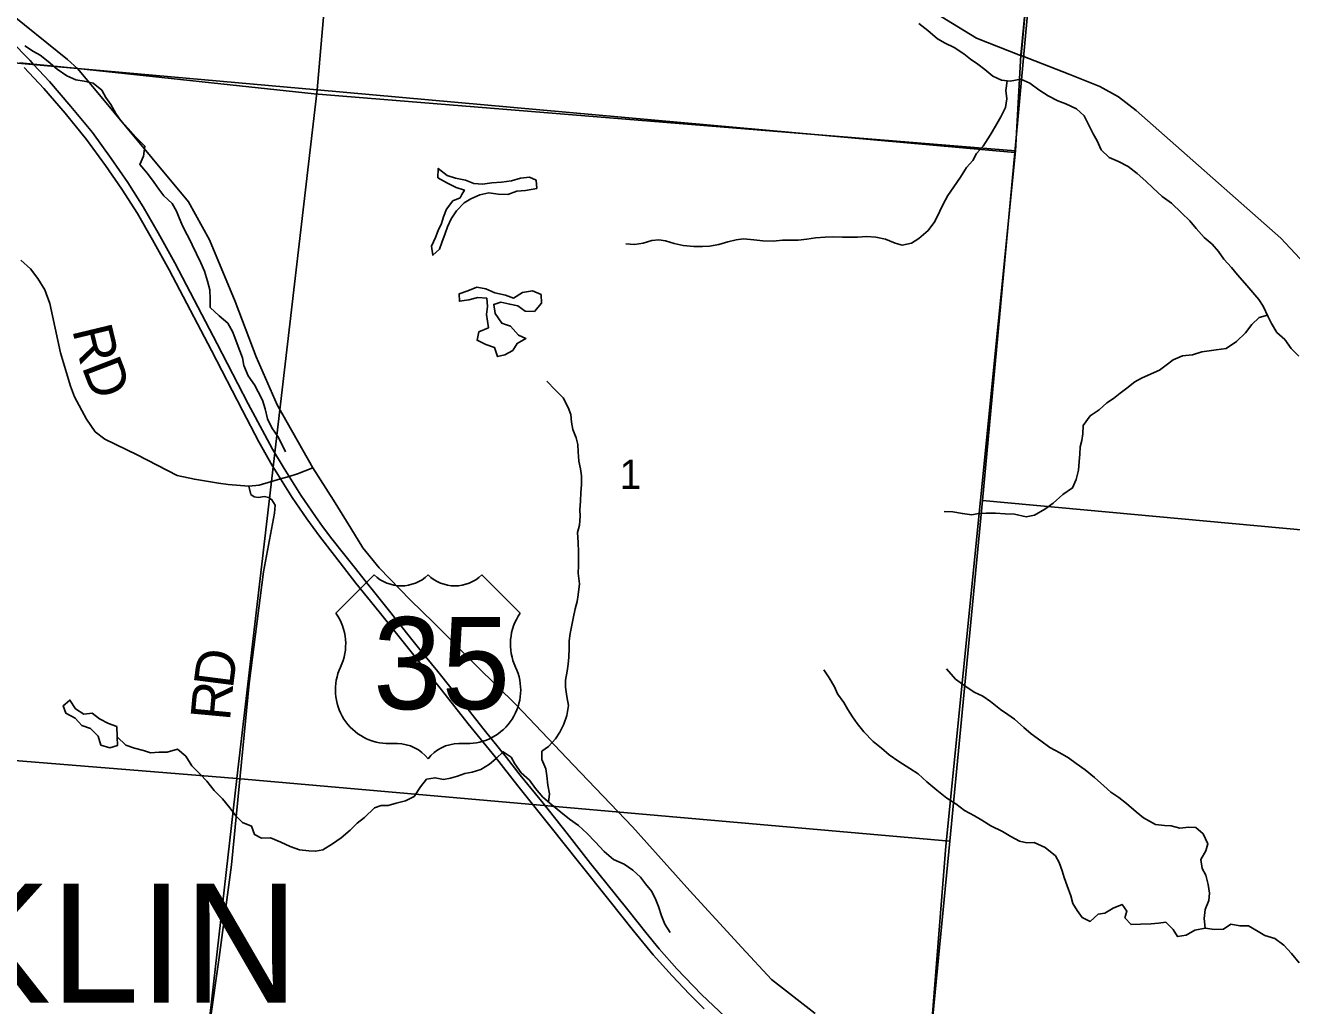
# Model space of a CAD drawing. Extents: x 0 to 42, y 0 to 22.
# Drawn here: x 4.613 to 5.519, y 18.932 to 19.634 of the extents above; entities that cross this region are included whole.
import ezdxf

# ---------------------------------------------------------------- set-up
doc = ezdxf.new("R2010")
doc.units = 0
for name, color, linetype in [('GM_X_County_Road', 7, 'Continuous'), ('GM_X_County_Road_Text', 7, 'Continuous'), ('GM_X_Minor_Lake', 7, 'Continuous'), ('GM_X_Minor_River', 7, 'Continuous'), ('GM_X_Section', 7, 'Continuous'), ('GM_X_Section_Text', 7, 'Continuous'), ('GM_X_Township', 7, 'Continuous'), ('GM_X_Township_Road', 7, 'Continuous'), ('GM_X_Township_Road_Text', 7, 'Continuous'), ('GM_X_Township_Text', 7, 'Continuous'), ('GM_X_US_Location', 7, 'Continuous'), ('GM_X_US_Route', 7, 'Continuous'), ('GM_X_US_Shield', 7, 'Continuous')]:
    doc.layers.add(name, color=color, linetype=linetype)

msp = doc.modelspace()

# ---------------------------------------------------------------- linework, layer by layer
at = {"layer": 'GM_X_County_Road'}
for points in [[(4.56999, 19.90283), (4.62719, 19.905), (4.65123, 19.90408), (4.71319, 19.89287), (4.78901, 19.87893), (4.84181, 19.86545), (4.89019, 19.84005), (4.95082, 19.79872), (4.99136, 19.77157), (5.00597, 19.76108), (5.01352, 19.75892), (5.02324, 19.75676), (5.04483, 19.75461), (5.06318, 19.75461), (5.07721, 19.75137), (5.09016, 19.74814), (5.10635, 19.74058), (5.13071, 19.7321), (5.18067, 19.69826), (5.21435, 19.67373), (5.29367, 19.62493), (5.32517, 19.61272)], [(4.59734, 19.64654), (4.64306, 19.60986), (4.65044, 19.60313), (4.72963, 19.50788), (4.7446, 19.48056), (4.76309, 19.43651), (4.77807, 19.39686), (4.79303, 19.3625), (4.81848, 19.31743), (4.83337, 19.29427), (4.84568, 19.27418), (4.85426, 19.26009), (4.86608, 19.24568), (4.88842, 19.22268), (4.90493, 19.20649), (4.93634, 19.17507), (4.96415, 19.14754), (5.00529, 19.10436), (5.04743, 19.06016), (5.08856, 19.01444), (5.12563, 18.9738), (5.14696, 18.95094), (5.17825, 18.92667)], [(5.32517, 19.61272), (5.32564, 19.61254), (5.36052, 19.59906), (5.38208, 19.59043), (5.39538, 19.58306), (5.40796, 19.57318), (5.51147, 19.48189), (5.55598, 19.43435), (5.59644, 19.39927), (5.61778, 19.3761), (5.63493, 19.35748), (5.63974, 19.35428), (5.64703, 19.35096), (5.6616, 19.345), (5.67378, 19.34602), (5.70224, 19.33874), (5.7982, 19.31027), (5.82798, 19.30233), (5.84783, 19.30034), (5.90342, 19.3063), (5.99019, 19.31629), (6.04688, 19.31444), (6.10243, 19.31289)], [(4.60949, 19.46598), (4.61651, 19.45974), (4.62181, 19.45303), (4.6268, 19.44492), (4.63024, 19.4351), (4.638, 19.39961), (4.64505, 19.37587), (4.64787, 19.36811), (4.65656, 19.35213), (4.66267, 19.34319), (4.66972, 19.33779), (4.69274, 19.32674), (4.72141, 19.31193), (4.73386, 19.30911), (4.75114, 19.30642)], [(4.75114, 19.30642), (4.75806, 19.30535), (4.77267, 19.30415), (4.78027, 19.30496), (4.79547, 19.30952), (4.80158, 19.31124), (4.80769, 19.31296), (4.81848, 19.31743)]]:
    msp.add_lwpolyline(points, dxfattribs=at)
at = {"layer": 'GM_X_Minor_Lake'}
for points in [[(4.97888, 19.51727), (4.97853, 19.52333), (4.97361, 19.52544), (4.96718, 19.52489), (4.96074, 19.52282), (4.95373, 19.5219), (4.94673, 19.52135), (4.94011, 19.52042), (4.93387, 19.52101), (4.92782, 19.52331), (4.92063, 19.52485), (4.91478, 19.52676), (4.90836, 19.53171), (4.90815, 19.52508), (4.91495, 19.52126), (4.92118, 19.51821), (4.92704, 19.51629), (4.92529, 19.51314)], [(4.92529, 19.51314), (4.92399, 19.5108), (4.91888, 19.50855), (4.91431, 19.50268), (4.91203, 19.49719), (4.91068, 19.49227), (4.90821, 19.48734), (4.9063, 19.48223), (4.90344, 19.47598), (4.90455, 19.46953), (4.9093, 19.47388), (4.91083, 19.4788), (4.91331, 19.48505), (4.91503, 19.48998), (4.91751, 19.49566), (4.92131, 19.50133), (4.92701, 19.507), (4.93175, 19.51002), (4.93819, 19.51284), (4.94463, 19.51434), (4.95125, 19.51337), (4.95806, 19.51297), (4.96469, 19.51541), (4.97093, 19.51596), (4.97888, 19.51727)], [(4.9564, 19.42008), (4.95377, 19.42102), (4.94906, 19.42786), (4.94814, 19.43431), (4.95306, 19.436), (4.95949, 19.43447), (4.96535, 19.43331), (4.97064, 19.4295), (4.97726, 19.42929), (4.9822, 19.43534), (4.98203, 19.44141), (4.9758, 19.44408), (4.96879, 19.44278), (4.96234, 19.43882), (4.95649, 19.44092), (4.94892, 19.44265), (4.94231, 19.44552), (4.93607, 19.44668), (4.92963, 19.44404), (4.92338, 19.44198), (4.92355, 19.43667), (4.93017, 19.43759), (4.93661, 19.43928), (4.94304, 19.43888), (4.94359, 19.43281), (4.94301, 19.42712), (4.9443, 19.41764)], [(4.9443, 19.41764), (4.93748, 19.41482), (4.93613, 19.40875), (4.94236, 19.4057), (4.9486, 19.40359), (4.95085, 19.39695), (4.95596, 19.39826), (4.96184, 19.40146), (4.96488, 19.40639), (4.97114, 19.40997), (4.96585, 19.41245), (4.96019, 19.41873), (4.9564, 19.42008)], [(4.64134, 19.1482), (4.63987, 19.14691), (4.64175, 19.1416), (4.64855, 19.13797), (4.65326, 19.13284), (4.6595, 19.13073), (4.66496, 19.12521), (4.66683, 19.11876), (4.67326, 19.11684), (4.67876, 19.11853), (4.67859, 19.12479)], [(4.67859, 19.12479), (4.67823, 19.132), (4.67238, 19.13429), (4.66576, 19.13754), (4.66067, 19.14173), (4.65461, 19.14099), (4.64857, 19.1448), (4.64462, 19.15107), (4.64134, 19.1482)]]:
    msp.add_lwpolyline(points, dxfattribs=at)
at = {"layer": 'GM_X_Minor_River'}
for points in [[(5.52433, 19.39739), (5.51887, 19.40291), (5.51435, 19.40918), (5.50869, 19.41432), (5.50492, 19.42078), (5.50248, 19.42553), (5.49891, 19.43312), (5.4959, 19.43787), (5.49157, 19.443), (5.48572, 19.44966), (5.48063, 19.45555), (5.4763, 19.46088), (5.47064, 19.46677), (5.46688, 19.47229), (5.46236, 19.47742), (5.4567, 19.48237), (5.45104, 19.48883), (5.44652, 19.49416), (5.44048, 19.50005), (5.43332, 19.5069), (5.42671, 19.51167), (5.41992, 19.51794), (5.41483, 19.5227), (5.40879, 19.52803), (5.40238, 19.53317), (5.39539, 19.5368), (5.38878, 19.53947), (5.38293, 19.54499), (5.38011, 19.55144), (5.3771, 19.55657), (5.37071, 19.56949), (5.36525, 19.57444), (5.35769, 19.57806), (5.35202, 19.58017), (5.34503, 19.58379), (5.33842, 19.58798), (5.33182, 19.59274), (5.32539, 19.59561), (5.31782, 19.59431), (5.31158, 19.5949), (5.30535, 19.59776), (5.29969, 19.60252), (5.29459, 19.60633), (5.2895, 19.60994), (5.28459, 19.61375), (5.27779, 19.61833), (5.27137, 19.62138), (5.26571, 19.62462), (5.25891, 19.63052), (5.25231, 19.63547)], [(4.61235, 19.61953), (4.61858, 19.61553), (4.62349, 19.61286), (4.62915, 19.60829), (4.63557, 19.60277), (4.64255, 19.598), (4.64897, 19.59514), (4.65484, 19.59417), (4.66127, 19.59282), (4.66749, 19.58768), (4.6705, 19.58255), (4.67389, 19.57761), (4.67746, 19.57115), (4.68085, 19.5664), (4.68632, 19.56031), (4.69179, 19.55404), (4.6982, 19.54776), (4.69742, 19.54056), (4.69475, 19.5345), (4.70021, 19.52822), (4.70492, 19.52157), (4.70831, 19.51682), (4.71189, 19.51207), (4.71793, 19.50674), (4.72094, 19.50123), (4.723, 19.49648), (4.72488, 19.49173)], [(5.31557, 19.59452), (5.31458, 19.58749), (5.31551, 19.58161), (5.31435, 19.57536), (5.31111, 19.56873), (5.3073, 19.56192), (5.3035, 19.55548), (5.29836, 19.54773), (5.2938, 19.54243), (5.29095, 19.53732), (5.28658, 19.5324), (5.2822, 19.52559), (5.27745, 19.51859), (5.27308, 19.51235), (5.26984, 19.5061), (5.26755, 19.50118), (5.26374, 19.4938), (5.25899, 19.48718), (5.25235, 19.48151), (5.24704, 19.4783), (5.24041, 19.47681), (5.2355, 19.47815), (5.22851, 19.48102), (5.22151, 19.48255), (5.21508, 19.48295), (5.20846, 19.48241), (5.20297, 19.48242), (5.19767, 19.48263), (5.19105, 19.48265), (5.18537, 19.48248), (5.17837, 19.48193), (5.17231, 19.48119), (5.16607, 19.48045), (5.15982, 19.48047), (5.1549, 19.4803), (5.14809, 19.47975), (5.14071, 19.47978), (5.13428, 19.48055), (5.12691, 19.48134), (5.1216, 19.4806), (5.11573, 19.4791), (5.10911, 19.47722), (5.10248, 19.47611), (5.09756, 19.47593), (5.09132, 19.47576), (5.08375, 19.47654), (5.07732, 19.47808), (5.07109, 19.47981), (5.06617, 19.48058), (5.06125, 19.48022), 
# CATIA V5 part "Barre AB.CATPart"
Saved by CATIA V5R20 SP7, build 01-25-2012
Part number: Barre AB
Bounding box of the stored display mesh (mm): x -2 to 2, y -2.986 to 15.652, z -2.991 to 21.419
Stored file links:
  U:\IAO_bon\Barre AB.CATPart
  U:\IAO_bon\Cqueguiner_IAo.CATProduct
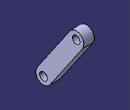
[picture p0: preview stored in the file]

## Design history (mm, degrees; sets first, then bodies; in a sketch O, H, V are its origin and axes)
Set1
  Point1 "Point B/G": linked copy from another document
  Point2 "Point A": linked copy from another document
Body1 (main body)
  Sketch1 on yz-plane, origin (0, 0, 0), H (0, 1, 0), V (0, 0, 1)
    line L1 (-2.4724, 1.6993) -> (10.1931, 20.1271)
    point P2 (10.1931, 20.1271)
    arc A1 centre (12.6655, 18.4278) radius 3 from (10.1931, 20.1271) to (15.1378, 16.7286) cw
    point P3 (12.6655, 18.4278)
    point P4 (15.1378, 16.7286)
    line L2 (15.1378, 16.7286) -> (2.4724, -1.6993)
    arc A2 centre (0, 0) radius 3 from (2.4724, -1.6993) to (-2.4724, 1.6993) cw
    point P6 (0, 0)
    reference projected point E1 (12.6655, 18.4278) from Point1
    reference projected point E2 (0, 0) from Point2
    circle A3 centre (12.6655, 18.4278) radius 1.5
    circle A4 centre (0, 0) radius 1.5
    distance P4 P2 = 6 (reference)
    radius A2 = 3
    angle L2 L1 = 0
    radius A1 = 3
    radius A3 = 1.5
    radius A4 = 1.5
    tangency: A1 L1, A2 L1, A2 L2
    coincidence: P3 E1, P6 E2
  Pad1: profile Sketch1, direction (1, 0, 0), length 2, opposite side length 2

** Problem to work on **
Reproduce exactly the lines of the data above that run from the line with "# CATIA V5 part" down to the line with "Body1 (main body)", both ends included. Pictures do not belong in the copy.

** Result of the task **
# CATIA V5 part "Barre AB.CATPart"
Saved by CATIA V5R20 SP7, build 01-25-2012
Part number: Barre AB
Bounding box of the stored display mesh (mm): x -2 to 2, y -2.986 to 15.652, z -2.991 to 21.419
Stored file links:
  U:\IAO_bon\Barre AB.CATPart
  U:\IAO_bon\Cqueguiner_IAo.CATProduct
[picture p0: preview stored in the file]

## Design history (mm, degrees; sets first, then bodies; in a sketch O, H, V are its origin and axes)
Set1
  Point1 "Point B/G": linked copy from another document
  Point2 "Point A": linked copy from another document
Body1 (main body)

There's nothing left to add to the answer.